Under the terms of the CCP Agreement, CCP received an exclusive license to commercialize FCX-007 in the United States. CCP will be responsible for the first $20 million in development costs prior to the initial BLA filing with the FDA and manufacturing costs undertaken prior to commercial launch of FCX-007. If such spending exceeds $20 million, CCP will be responsible for 70% of the excess costs and the Company will be responsible for 30% of the remaining additional expenses. The Company will maintain responsibility for the development (including pre-launch manufacturing) of FCX-007 through initial BLA approval of FCX-007, and CCP will be responsible for all post-approval development and commercialization activities for FCX-007. The parties have agreed to negotiate the terms of a manufacturing and supply agreement that will set forth the terms under which the Company will supply CCP commercial quantities of FCX-007. A joint development committee consisting of representatives from the Company and CCP will oversee the development of FCX-007 pursuant to an agreed-upon development plan and budget.
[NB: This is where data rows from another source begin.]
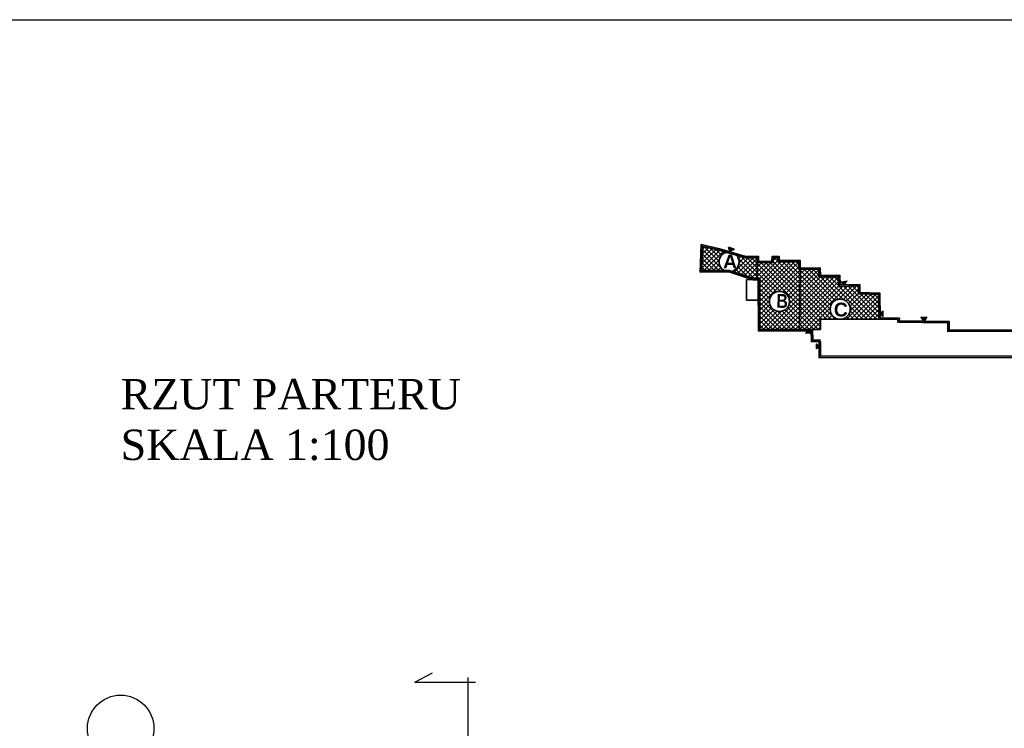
# Model space of a CAD drawing. Header units: millimetres. Extents: x -26513 to 76799, y 0 to 112149.
# Tile 22 of 98: x -9614 to -7668, y 94789 to 96189. Entities that reach past the tile are written whole.
import ezdxf

# ---------------------------------------------------------------- set-up
doc = ezdxf.new("R2010")
doc.units = ezdxf.units.MM
doc.header["$LTSCALE"] = 2
for name, color, linetype, lineweight in [('!budynki proj.', 1, 'Continuous', 35), ('Awycinka drzew', 3, 'Continuous', 25), ('stolarka', 6, 'Continuous', 9)]:
    doc.layers.add(name, color=color, linetype=linetype, lineweight=lineweight)
doc.layers.add('istn.śiany', color=2, linetype='Continuous')
doc.layers.add('nazwy pomieszczeń', color=7, linetype='Continuous')

msp = doc.modelspace()

# ---------------------------------------------------------------- hatches: boundary and pattern name
at = {"layer": '!budynki proj.'}
h = msp.add_hatch(color=256, dxfattribs=at)
edge = h.paths.add_edge_path()
edge.add_line((-8030.9, 95555.2), (-8030.9, 95552.5))
edge.add_line((-8030.9, 95552.5), (-8033.7, 95552.5))
edge.add_line((-8033.7, 95552.5), (-8033.7, 95552.5))
edge.add_line((-8033.7, 95552.5), (-8033.7, 95555.2))
edge.add_line((-8033.7, 95555.2), (-8030.9, 95555.2))
h.paths.add_polyline_path([(-8267, 95744.1), (-8230.9, 95735.7), (-8179.3, 95720.6), (-8153.8, 95721.1), (-8153.9, 95711.3), (-8127.2, 95711.1), (-8126.5, 95720.9), (-8112.9, 95720.9), (-8112.9, 95713), (-8071.7, 95712.8), (-8071.5, 95698.4), (-8031.7, 95697.7), (-8031.5, 95683.1), (-7993.3, 95683.6), (-7992.6, 95664.5), (-7953.6, 95665.3), (-7953.3, 95649.4), (-7913.9, 95648.2), (-7913, 95599.8), (-7875.4, 95598.7), (-7875.5, 95593.8), (-7777.1, 95592.5), (-7777, 95575), (-7230.3, 95575.8), (-7230.2, 95522), (-8033.6, 95520.7), (-8033.6, 95536.2), (-8033.7, 95552.5), (-8030.9, 95552.5), (-8030.9, 95523.5), (-8030.9, 95523.5), (-7232.9, 95524.7), (-7233, 95573.1), (-7779.8, 95572.3), (-7779.8, 95589.8), (-7878.2, 95591.1), (-7878.2, 95596), (-7915.7, 95597.1), (-7916.6, 95645.6), (-7955.9, 95646.7), (-7956.2, 95662.5), (-7995.2, 95661.7), (-7995.9, 95680.8), (-8034.2, 95680.4), (-8034.4, 95695), (-8074.2, 95695.7), (-8074.4, 95710.1), (-8115.7, 95710.3), (-8115.7, 95718.2), (-8124, 95718.1), (-8124.6, 95708.4), (-8156.6, 95708.6), (-8156.5, 95718.3), (-8179.7, 95717.8), (-8231.6, 95733), (-8264.4, 95740.7), (-8265.8, 95692.7), (-8211.6, 95692.8), (-8164.1, 95677.7), (-8151.3, 95677.6), (-8151.2, 95576.3), (-8153.9, 95576.3), (-8154.1, 95674.9), (-8154.1, 95674.9), (-8164.5, 95674.9), (-8212, 95690.1), (-8268.7, 95690)])
h.paths.add_polyline_path([(-8151.2, 95576.3), (-8049.5, 95576.5), (-8049.4, 95573.8), (-8054.5, 95573.8), (-8054.6, 95573.8), (-8153.9, 95573.6), (-8153.9, 95576.3)])
h.paths.add_polyline_path([(-8049.4, 95573.8), (-8046.7, 95573.8), (-8046.4, 95555.2), (-8033.7, 95555.2), (-8033.7, 95552.5), (-8049.1, 95552.4), (-8049.4, 95570.1), (-8049.4, 95570.1), (-8049.4, 95570.1)])
h.paths.add_polyline_path([(-8049.4, 95573.8), (-8046.7, 95573.8), (-8046.7, 95576.5), (-8049.5, 95576.5)])
for points in [[(-8213.1, 95738.9), (-8210.1, 95731.3), (-8202, 95735)], [(-7990.3, 95670), (-7978.8, 95671.7), (-7984.7, 95665.1)], [(-7912.7, 95607.6), (-7908, 95602.2), (-7908.1, 95612.9)], [(-7821, 95600.8), (-7832.6, 95600.3), (-7826.3, 95593.2)], [(-8049.4, 95570.1), (-8049.4, 95570.1), (-8060.4, 95569.8), (-8054.5, 95573.7)], [(-8039, 95547.7), (-8038.9, 95538.8), (-8033.8, 95543.1)]]:
    msp.add_hatch(color=256, dxfattribs=at).paths.add_polyline_path(points)
at = {"layer": 'stolarka'}
h = msp.add_hatch(dxfattribs=at)
h.set_pattern_fill('ANSI37', color=256, scale=2, style=0)
h.set_pattern_definition([(45, (-276.753, -304.8975), (-4.49012806, 4.49012806), []), (135, (-276.753, -304.8975), (-4.49012806, -4.49012806), [])])
h.paths.add_polyline_path([(-8072.7, 95576.5), (-8071.5, 95695.6), (-8034.4, 95695), (-8034.2, 95680.4), (-7995.9, 95680.8), (-7995.2, 95661.7), (-7956.2, 95662.5), (-7955.9, 95646.7), (-7916.6, 95645.6), (-7915.7, 95597.1), (-7987.9, 95597.1, 0.349907), (-7972.5, 95616.5, 2.076483), (-7996.7, 95597.1), (-8031, 95597.1), (-8031, 95576.5), (-8046.7, 95576.5), (-8049.5, 95576.5)])
h.paths.add_polyline_path([(-8151.3, 95677.6), (-8151.2, 95576.3), (-8072.7, 95576.5), (-8071.5, 95695.6), (-8074.2, 95695.7), (-8074.4, 95710.1), (-8115.7, 95710.3), (-8115.7, 95718.2), (-8124, 95718.1), (-8124.6, 95708.4), (-8156.6, 95708.6), (-8156.8, 95677.6)])
h.paths.add_polyline_path([(-8092.4, 95631.9, 1), (-8132.1, 95631.9, 1)], flags=16)
h.paths.add_polyline_path([(-8124.7, 95653.6), (-8125.4, 95612.7), (-8093.8, 95612.1), (-8093, 95653.1)], flags=8)
h.paths.add_polyline_path([(-8265.8, 95692.7), (-8264.4, 95740.7), (-8231.6, 95733), (-8217.8, 95729, 0.656376), (-8221.7, 95692.8)])
h.paths.add_polyline_path([(-8206.1, 95691.1, 0.330069), (-8192, 95710, 0.176753), (-8196.7, 95722.8), (-8179.7, 95717.8), (-8156.5, 95718.3), (-8156.6, 95708.6), (-8156.8, 95677.6), (-8164.1, 95677.7)])

# ---------------------------------------------------------------- linework, layer by layer
at = {"layer": '!budynki proj.'}
for p, q in [((-8156.6, 95708.6), (-8156.8, 95674.9)), ((-8071.5, 95698.4), (-8072.7, 95576.5)), ((-8177.2, 95634.6), (-8177.2, 95675.2)), ((-8177.2, 95675.2), (-8164.5, 95674.9)), ((-8154.1, 95677.6), (-8153.9, 95576.3)), ((-8154.1, 95674.9), (-8153.9, 95573.6)), ((-8177.2, 95634.6), (-8154, 95634.7)), ((-7915.7, 95597.1), (-8031, 95597.1)), ((-8031, 95576.5), (-8031, 95597.1)), ((-8154.6, 95573.6), (-8046.7, 95573.8)), ((-8153.9, 95576.3), (-8031, 95576.5)), ((-8153.9, 95573.6), (-8046.7, 95573.8)), ((-8049.5, 95576.5), (-8049.1, 95552.4)), ((-8046.7, 95576.5), (-8046.4, 95555.2)), ((-8031, 95576.5), (-8031, 95576.5)), ((-8049.1, 95552.4), (-8030.9, 95552.5)), ((-8046.4, 95555.2), (-8030.9, 95555.2)), ((-8033.7, 95555.2), (-8033.6, 95520.7))]:
    msp.add_line(p, q, dxfattribs=at)
for points in [[(-8049.4, 95573.8), (-8153.9, 95573.6), (-8154.1, 95674.9), (-8164.5, 95674.9), (-8212, 95690.1), (-8268.7, 95690), (-8267, 95744.1), (-8230.9, 95735.7), (-8179.3, 95720.6), (-8153.8, 95721.1), (-8153.9, 95711.3), (-8127.2, 95711.1), (-8126.5, 95720.9), (-8112.9, 95720.9), (-8112.9, 95713), (-8071.7, 95712.8), (-8071.5, 95698.4), (-8031.7, 95697.7), (-8031.5, 95683.1), (-7993.3, 95683.6), (-7992.6, 95664.5), (-7953.6, 95665.3), (-7953.3, 95649.4), (-7913.9, 95648.2), (-7913, 95599.8), (-7875.4, 95598.7), (-7875.5, 95593.8), (-7777.1, 95592.5), (-7777, 95575), (-7230.3, 95575.8)], [(-8049.5, 95576.5), (-8151.2, 95576.3), (-8151.3, 95677.6), (-8164.1, 95677.7), (-8211.6, 95692.8), (-8265.8, 95692.7), (-8264.4, 95740.7), (-8231.6, 95733), (-8179.7, 95717.8), (-8156.5, 95718.3), (-8156.6, 95708.6), (-8124.6, 95708.4), (-8124, 95718.1), (-8115.7, 95718.2), (-8115.7, 95710.3), (-8074.4, 95710.1), (-8074.2, 95695.7), (-8034.4, 95695), (-8034.2, 95680.4), (-7995.9, 95680.8), (-7995.2, 95661.7), (-7956.2, 95662.5), (-7955.9, 95646.7), (-7916.6, 95645.6), (-7915.7, 95597.1), (-7878.2, 95596), (-7878.2, 95591.1), (-7779.8, 95589.8), (-7779.8, 95572.3), (-7233, 95573.1)], [(-8213.1, 95738.9), (-8202, 95735), (-8210.1, 95731.3), (-8213.1, 95738.9)], [(-7978.8, 95671.7), (-7990.3, 95670), (-7984.7, 95665.1), (-7978.8, 95671.7)], [(-7908.1, 95613.1), (-7908, 95602.2), (-7912.7, 95607.6), (-7908, 95612.9)], [(-7821, 95600.8), (-7832.6, 95600.3), (-7826.3, 95593.2), (-7821, 95600.8)], [(-8054.6, 95573.8), (-8049.4, 95570.1), (-8060.4, 95569.8), (-8054.3, 95573.9)], [(-7230.3, 95575.8), (-7230.2, 95522), (-8033.6, 95520.7), (-8033.7, 95552.5)], [(-8033.8, 95543.1), (-8039, 95547.7), (-8038.9, 95538.8), (-8033.8, 95543.1)], [(-7232.9, 95524.7), (-8030.9, 95523.5), (-8030.9, 95552.5)]]:
    msp.add_lwpolyline(points, dxfattribs=at)
for centre in [(-8211.9, 95710), (-8112.3, 95631.9), (-7992.3, 95616.5)]:
    msp.add_circle(centre, 19.8, dxfattribs=at)
at = {"layer": 'Awycinka drzew'}
for p, q in [((-8126.5, 95720.9), (-8127.2, 95711.1)), ((-8112.9, 95720.9), (-8126.5, 95720.9)), ((-8112.9, 95713), (-8112.9, 95720.9)), ((-8127.2, 95711.1), (-8153.9, 95711.3)), ((-8071.7, 95712.8), (-8112.9, 95713)), ((-8071.5, 95698.4), (-8071.7, 95712.8)), ((-8031.7, 95697.7), (-8071.5, 95698.4)), ((-8031.6, 95683.1), (-8031.7, 95697.7)), ((-7993.3, 95683.6), (-8031.6, 95683.1)), ((-7992.6, 95664.5), (-7993.3, 95683.6)), ((-7953.6, 95665.3), (-7992.6, 95664.5)), ((-7953.3, 95649.4), (-7953.6, 95665.3)), ((-7913.9, 95648.2), (-7953.3, 95649.4)), ((-7913, 95599.8), (-7913.9, 95648.2)), ((-7875.4, 95598.7), (-7913, 95599.8)), ((-7875.5, 95593.8), (-7875.4, 95598.7)), ((-7777, 95575), (-7230.3, 95575.8)), ((-8033.6, 95520.7), (-7230.2, 95522))]:
    msp.add_line(p, q, dxfattribs=at)
msp.add_lwpolyline([(-8153.8, 95721.1), (-8179.3, 95720.6), (-8230.9, 95735.7), (-8267, 95744.1), (-8268.7, 95690), (-8212, 95690.1), (-8164.5, 95674.9), (-8154.1, 95674.9)], dxfattribs=at)
at = {"layer": 'Defpoints'}
msp.add_lwpolyline([(-13301, 96188.5), (-6520.1, 96188.5), (-6520.1, 91988.5), (-13301, 91988.5)], close=True, dxfattribs=at)
at = {"layer": 'istn.śiany'}
for p, q in [((-8833.1, 94879.5), (-8798, 94898.1)), ((-8727.7, 94736.4), (-8727.7, 94889)), ((-8833.1, 94879.5), (-8712.6, 94879.5))]:
    msp.add_line(p, q, dxfattribs=at)
msp.add_circle((-9414, 94788.5), 65.6, dxfattribs=at)

# ---------------------------------------------------------------- texts
at = {"layer": '!budynki proj.', "char_height": 27.3, "width": 96.038, "attachment_point": 1, "rotation": 359.0138}
for s, insert in [('{\\f@Arial Unicode MS|b1|i0|c238|p2;A}', (-8223.3, 95724.7)), ('{\\fTechnic|b1|i0|c2|p2;B}', (-8118, 95646.7)), ('{\\f@Arial Unicode MS|b1|i0|c238|p2;C}', (-8004.6, 95629.7))]:
    msp.add_mtext(s, dxfattribs=dict(at, insert=insert))
at = {"layer": 'nazwy pomieszczeń', "insert": (-9414, 95478.7), "char_height": 60, "width": 1473.416, "attachment_point": 1}
msp.add_mtext('{\\fTimes New Roman|b0|i0|c238|p18;RZUT PARTERU\\PSKALA 1:100}', dxfattribs=at)

doc.saveas('drawing.dxf')

The Company received an upfront payment of $7.5 million, and will receive an additional $2.5 million for the first patient enrolled in the Phase 3 clinical trial and $30 million upon BLA approval and commercial manufacturing readiness. The Company is also eligible to receive up to $75 million in sales milestones, consisting of $25 million upon the achievement of $250 million in cumulative FCX-007 net sales and an additional $50 million upon the achievement of $750 million in cumulative FCX-007 net sales. In addition, CCP will pay the Company a 30% share of the gross profits from FCX-007 sales.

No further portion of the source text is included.